= PROBLEM DESCRIPTION =
Whenever a line in the records below holds the string "linetype", copy it out.
[[ DATA TO EXAMINE open ]]
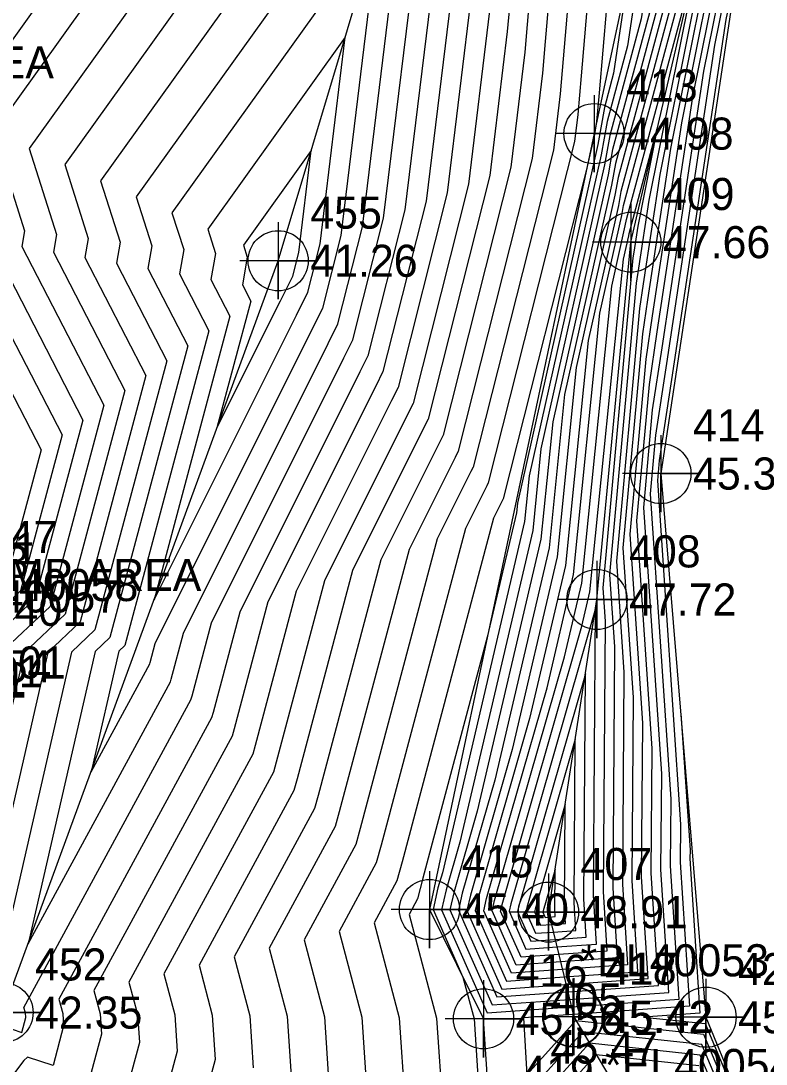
# Model space of a CAD drawing. Extents: x 2090860 to 2091277, y 159470 to 160080.
# Drawn here: x 2091069.7 to 2091127.7, y 159779.6 to 159860.8 of the extents above; entities that cross this region are included whole.
import ezdxf

# ---------------------------------------------------------------- set-up
doc = ezdxf.new("R2010")
doc.units = 0
for name, color, linetype in [('DTM Contours Major', 7, 'Continuous'), ('DTM Contours Minor', 7, 'Continuous'), ('Exist Building Cogo Elevation', 7, 'Continuous'), ('Exist DTM Breakline', 7, 'Continuous'), ('Exist DTM Breakline Cogo Comment', 7, 'Continuous'), ('Exist DTM Breakline Cogo Elevation', 7, 'Continuous'), ('Exist DTM Breakline Cogo Number', 7, 'Continuous'), ('Exist DTM Breakline Cogo Point CELL', 7, 'Continuous'), ('Exist DTM Breakline Underwater', 7, 'Continuous'), ('Exist DTM Breakline Underwater Cogo Elevation', 7, 'Continuous'), ('Exist DTM Breakline Underwater Cogo Number', 7, 'Continuous'), ('Exist DTM Breakline Underwater Cogo Point CELL', 7, 'Continuous'), ('Exist DTM Regular Point Cogo Elevation', 7, 'Continuous'), ('Exist DTM Regular Point Cogo Number', 7, 'Continuous'), ('Exist Hydro Swamp or Marsh Cogo Comment', 7, 'Continuous'), ('Exist Structure Major Deck Tunnel Box Culvert Cogo Comment', 7, 'Continuous')]:
    doc.layers.add(name, color=color, linetype=linetype)

msp = doc.modelspace()

# ---------------------------------------------------------------- linework, layer by layer
at = {"layer": 'DTM Contours Major'}
for points in [[(2091091.582, 159898.637), (2091075.464, 159895.754), (2091071.361, 159891.649), (2091065.515, 159864.769), (2091059.162, 159855.905), (2091062.527, 159845.344), (2091062.382, 159844.528), (2091071.24, 159827.424), (2091068.468, 159817.052), (2091062.553, 159811.484), (2091060.259, 159801.479), (2091046.876, 159791.945), (2091037.586, 159782.801), (2091031.987, 159764.384), (2091026.688, 159760.214), (2091021.294, 159752.688), (2091014.874, 159747.469), (2091001.671, 159730.125), (2090998.416, 159727.263), (2090990.823, 159719.668), (2090976.25, 159706.989)], [(2091099.517, 159890.851), (2091094.379, 159889.932), (2091085.334, 159880.882), (2091082.516, 159867.927), (2091070.303, 159850.886), (2091072.441, 159844.175), (2091072.201, 159842.82), (2091077.78, 159832.047), (2091073.12, 159814.614), (2091069.924, 159811.606), (2091065.116, 159790.633), (2091059.844, 159786.877), (2091043.696, 159770.983), (2091041.123, 159762.521), (2091029.056, 159753.026), (2091026.145, 159748.964), (2091013.055, 159738.321), (2091004.963, 159727.692), (2091002.968, 159725.938), (2090989.66, 159712.626), (2090981.654, 159705.661)], [(2091122.565, 159883.928), (2091121.878, 159881.704), (2091119.096, 159863.114), (2091115.786, 159850.809), (2091115.429, 159848.821), (2091111.116, 159829.605), (2091110.193, 159820.456), (2091105.233, 159799.272), (2091103.435, 159793.012), (2091103.104, 159791.575), (2091106.385, 159784.178), (2091112.426, 159784.611), (2091120.155, 159785.157), (2091119.551, 159794.732), (2091119.607, 159802.178), (2091118.207, 159822.931), (2091118.9, 159830.534), (2091119.632, 159835.369), (2091122.895, 159856.915), (2091124.672, 159865.752), (2091125.548, 159870.109), (2091128.279, 159888.173)], [(2091105.922, 159886.774), (2091104.261, 159874.343), (2091103.538, 159865.895), (2091103.449, 159864.849), (2091101.246, 159846.776), (2091097.888, 159833.505), (2091097.32, 159832.37), (2091088.926, 159815.582), (2091086.283, 159805.672), (2091086.136, 159805.119), (2091075.366, 159785.296), (2091075.848, 159783.485), (2091075.953, 159781.891), (2091074.613, 159776.904)], [(2091111.672, 159885.85), (2091110.634, 159878.082), (2091109.134, 159860.552), (2091108.948, 159858.381), (2091107.858, 159849.436), (2091102.572, 159828.552), (2091102.265, 159827.937), (2091097.718, 159818.843), (2091092.826, 159800.504), (2091092.553, 159799.481), (2091086.279, 159787.931), (2091087.501, 159783.333), (2091087.769, 159779.288)], [(2091117.422, 159884.926), (2091117.008, 159881.82), (2091114.729, 159855.209), (2091114.539, 159852.984), (2091114.358, 159851.98), (2091113.72, 159849.137), (2091107.257, 159823.599), (2091107.21, 159823.504), (2091106.51, 159822.104), (2091099.37, 159795.336), (2091098.971, 159793.843), (2091097.192, 159790.566), (2091099.154, 159783.181), (2091099.586, 159776.685)], [(2091116.5, 159845.662), (2091116.642, 159846.45), (2091123.408, 159871.606), (2091123.751, 159873.9), (2091125.877, 159880.786), (2091124.096, 159871.932), (2091119.458, 159848.869), (2091118.165, 159840.333), (2091117.875, 159838.418), (2091116.082, 159818.747), (2091116.665, 159810.095), (2091116.541, 159793.591), (2091116.938, 159787.302), (2091111.861, 159786.943), (2091107.893, 159786.659), (2091105.739, 159791.517), (2091105.956, 159792.461), (2091110.673, 159808.884), (2091112.741, 159817.715), (2091114.792, 159838.05), (2091116.5, 159845.662)], [(2091097.594, 159868.402), (2091081.444, 159845.868), (2091082.356, 159843.007), (2091082.019, 159841.112), (2091084.319, 159836.671), (2091077.773, 159812.177), (2091077.295, 159811.727), (2091075.142, 159802.335), (2091079.718, 159810.758), (2091079.74, 159810.84), (2091080.135, 159812.321), (2091092.376, 159836.804), (2091093.203, 159838.459), (2091094.634, 159844.116), (2091097.594, 159868.402)], [(2091113.721, 159789.447), (2091113.532, 159792.45), (2091113.663, 159809.968), (2091108.477, 159791.91), (2091108.373, 159791.46), (2091109.402, 159789.139), (2091111.297, 159789.275), (2091113.721, 159789.447)], [(2091127.273, 159769.18), (2091122.618, 159780.274), (2091113.978, 159781.196), (2091107.95, 159774.542)]]:
    msp.add_lwpolyline(points, dxfattribs=at)
at = {"layer": 'DTM Contours Minor'}
for points in [[(2091093.566, 159896.69), (2091080.192, 159894.298), (2091074.854, 159888.957), (2091069.765, 159865.558), (2091061.947, 159854.65), (2091065.005, 159845.052), (2091064.837, 159844.101), (2091072.875, 159828.58), (2091069.631, 159816.443), (2091064.396, 159811.515), (2091061.473, 159798.767), (2091050.118, 159790.678), (2091039.113, 159779.846), (2091034.271, 159763.918), (2091027.28, 159758.417), (2091022.507, 159751.757), (2091014.419, 159745.182), (2091002.494, 159729.516), (2090999.554, 159726.932), (2090990.532, 159717.907), (2090977.601, 159706.657)], [(2091095.549, 159894.744), (2091084.921, 159892.843), (2091078.348, 159886.266), (2091074.015, 159866.348), (2091064.733, 159853.396), (2091067.484, 159844.76), (2091067.291, 159843.674), (2091074.51, 159829.736), (2091070.794, 159815.833), (2091066.238, 159811.545), (2091062.688, 159796.056), (2091053.36, 159789.411), (2091040.641, 159776.892), (2091036.555, 159763.452), (2091027.872, 159756.62), (2091023.719, 159750.826), (2091013.964, 159742.895), (2091003.317, 159728.908), (2091000.692, 159726.601), (2090990.241, 159716.147), (2090978.952, 159706.325)], [(2091097.533, 159892.797), (2091089.65, 159891.387), (2091081.841, 159883.574), (2091078.266, 159867.137), (2091067.518, 159852.141), (2091069.963, 159844.468), (2091069.746, 159843.247), (2091076.145, 159830.892), (2091071.957, 159815.224), (2091068.081, 159811.575), (2091063.902, 159793.344), (2091056.602, 159788.144), (2091042.168, 159773.937), (2091038.839, 159762.987), (2091028.464, 159754.823), (2091024.932, 159749.895), (2091013.509, 159740.608), (2091004.14, 159728.3), (2091001.83, 159726.269), (2090989.951, 159714.386), (2090980.303, 159705.993)], [(2091129.277, 159890.946), (2091125.131, 159863.513), (2091124.96, 159862.663), (2091124.613, 159860.938), (2091120.366, 159832.887), (2091119.413, 159826.592), (2091119.27, 159825.023), (2091121.078, 159798.22), (2091121.056, 159795.303), (2091121.764, 159784.084), (2091112.708, 159783.445), (2091108.829, 159783.167), (2091109.089, 159778.735), (2091112.925, 159782.969), (2091122.861, 159781.908), (2091128.215, 159769.149)], [(2091101.501, 159888.904), (2091099.107, 159888.476), (2091088.827, 159878.19), (2091086.766, 159868.717), (2091073.088, 159849.632), (2091074.92, 159843.883), (2091074.655, 159842.393), (2091079.415, 159833.203), (2091074.283, 159814.005), (2091071.767, 159811.636), (2091066.33, 159787.921), (2091063.086, 159785.61), (2091045.223, 159768.028), (2091043.407, 159762.055), (2091029.648, 159751.229), (2091027.357, 159748.032), (2091012.6, 159736.034), (2091005.786, 159727.084), (2091004.106, 159725.607), (2090989.369, 159710.865), (2090983.005, 159705.329)], [(2091121.582, 159884.214), (2091121.409, 159883.655), (2091118.018, 159860.991), (2091115.572, 159851.898), (2091115.162, 159849.611), (2091110.197, 159827.494), (2091109.557, 159821.141), (2091103.873, 159796.869), (2091102.805, 159793.15), (2091102.446, 159791.59), (2091106.008, 159783.557), (2091112.567, 159784.028), (2091120.96, 159784.62), (2091120.303, 159795.017), (2091120.342, 159800.199), (2091118.738, 159823.977), (2091119.157, 159828.563), (2091119.999, 159834.128), (2091123.754, 159858.927), (2091124.816, 159864.207), (2091125.339, 159866.811), (2091128.778, 159889.559)], [(2091104.485, 159887.005), (2091102.668, 159873.409), (2091102.139, 159867.231), (2091102.074, 159866.465), (2091099.593, 159846.111), (2091096.716, 159834.744), (2091096.084, 159833.479), (2091086.728, 159814.767), (2091084.647, 159806.964), (2091084.531, 159806.529), (2091072.638, 159784.637), (2091072.934, 159783.522), (2091072.999, 159782.542), (2091072.174, 159779.473), (2091070.18, 159780.111), (2091069.897, 159779.847), (2091054.458, 159759.469)], [(2091107.36, 159886.543), (2091105.855, 159875.278), (2091104.937, 159864.559), (2091104.823, 159863.232), (2091102.899, 159847.441), (2091099.059, 159832.267), (2091098.556, 159831.262), (2091091.124, 159816.397), (2091087.919, 159804.38), (2091087.74, 159803.71), (2091078.094, 159785.955), (2091078.761, 159783.447), (2091078.907, 159781.24), (2091077.051, 159774.335)], [(2091123.547, 159883.643), (2091122.346, 159879.753), (2091120.174, 159865.237), (2091116, 159849.719), (2091115.697, 159848.031), (2091112.035, 159831.716), (2091110.83, 159819.77), (2091106.593, 159801.675), (2091104.066, 159792.874), (2091103.763, 159791.561), (2091106.762, 159784.798), (2091112.285, 159785.194), (2091119.351, 159785.693), (2091118.799, 159794.447), (2091118.871, 159804.157), (2091117.676, 159821.885), (2091118.644, 159832.505), (2091119.266, 159836.61), (2091122.035, 159854.904), (2091124.528, 159867.297), (2091125.757, 159873.407), (2091127.779, 159886.787)], [(2091068.988, 159782.281), (2091069.736, 159782.042), (2091070.045, 159783.193), (2091070.021, 159783.56), (2091069.91, 159783.978), (2091082.927, 159807.939), (2091083.011, 159808.256), (2091084.53, 159813.952), (2091094.848, 159834.587), (2091095.545, 159835.982), (2091097.94, 159845.446), (2091100.699, 159868.082), (2091100.74, 159868.566), (2091101.075, 159872.474), (2091102.892, 159886.076), (2091092.32, 159875.498), (2091091.017, 159869.506), (2091075.874, 159848.377), (2091077.398, 159843.591), (2091077.11, 159841.966), (2091081.05, 159834.359), (2091075.446, 159813.395), (2091073.609, 159811.666), (2091067.544, 159785.21)], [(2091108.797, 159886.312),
[[ DATA TO EXAMINE closed ]]
= SOLUTION TO THE EXERCISE =
for name, color, linetype in [('DTM Contours Major', 7, 'Continuous'), ('DTM Contours Minor', 7, 'Continuous'), ('Exist Building Cogo Elevation', 7, 'Continuous'), ('Exist DTM Breakline', 7, 'Continuous'), ('Exist DTM Breakline Cogo Comment', 7, 'Continuous'), ('Exist DTM Breakline Cogo Elevation', 7, 'Continuous'), ('Exist DTM Breakline Cogo Number', 7, 'Continuous'), ('Exist DTM Breakline Cogo Point CELL', 7, 'Continuous'), ('Exist DTM Breakline Underwater', 7, 'Continuous'), ('Exist DTM Breakline Underwater Cogo Elevation', 7, 'Continuous'), ('Exist DTM Breakline Underwater Cogo Number', 7, 'Continuous'), ('Exist DTM Breakline Underwater Cogo Point CELL', 7, 'Continuous'), ('Exist DTM Regular Point Cogo Elevation', 7, 'Continuous'), ('Exist DTM Regular Point Cogo Number', 7, 'Continuous'), ('Exist Hydro Swamp or Marsh Cogo Comment', 7, 'Continuous'), ('Exist Structure Major Deck Tunnel Box Culvert Cogo Comment', 7, 'Continuous')]:
    doc.layers.add(name, color=color, linetype=linetype)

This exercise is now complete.